You can find a detailed story about this job here.

Details on scores

You do work with patients, even though it is directed on prevention rather than cure and it evolves around usually healthy subjects too.

As it is a freelance job it comes with a lot of flexibility.

Freetime is up to you and your need of money. Even though there are not enough available shifts to earn a sufficient income.

The team is very friendly and atmosphere is good. Any questions are always welcome. There have been some activities for special occasions and seminars.

Some Karma points for prevention of disease and education in behavioural measures.

The responsibility is quiet high as you work independently. There are guidelines and generally advised practice you should follow, but in the end every case is different. And you don’t want some 20 year old to return to a nursery home because you forgot to tell him he should consider a shot against japanese enzephalitis when he planned to sleep in a rice field in Thailand for 3 months.

There is not a lot of diversity. You can see travel trends reflect in advice seeking of course. Thus we know the health demographics of India, Thiland, Myanmar and some places in Africa by heart. Anyway the interesting cases can be very interesting too and still there is always some non-evident questions.
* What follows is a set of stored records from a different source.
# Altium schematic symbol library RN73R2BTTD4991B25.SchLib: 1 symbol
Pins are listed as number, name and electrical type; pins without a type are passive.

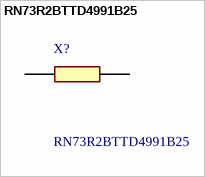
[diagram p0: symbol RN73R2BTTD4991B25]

## RN73R2BTTD4991B25
designator X?
Thin Film Resistors - SMD 4990 ohm 0.1% 0.25W; Manufacturer_Name: KOA Speer; Geometry.Height: 0.7mm
footprint RESC3216X70N
pins: 1, 2

I learned a lot of things that interest me personally since I work there. There are always seminars, interesting talks and update emails on the current world health situation. Also a certain amount of knowledge is necessary for doing the job.

As I said in the story, the mind starts to travel every day you work.

I find the work very inspiring personally. I get travel inspiration from patients and medical inspiration from the boss and colleagues all the time. It involves politics, medicine and culture and that is what I love about it.

It is all about medical content, even though in daily practice not of the most sophisticated type. The contracted colleagues do see a returning traveller once in a while and do the tropic suitability exams, so they dive a bit deeper into the medical themes.

There is no real evidence against security, but you do deal with needles and vaccines. Someone might get sick of the yellow fever shot.

The payment per hour is around average for a non-specialised young doctor. Finance is not a real big deal as all the consultations are paid privately.

The good thing about being a freelance doc here, only giving travellers advice is, you do not have to write long letters. Information on diseases are preprinted for hand-out. The only thing are the vaccination books for charge-no. So bureaucracy as in the hospital is far fetched.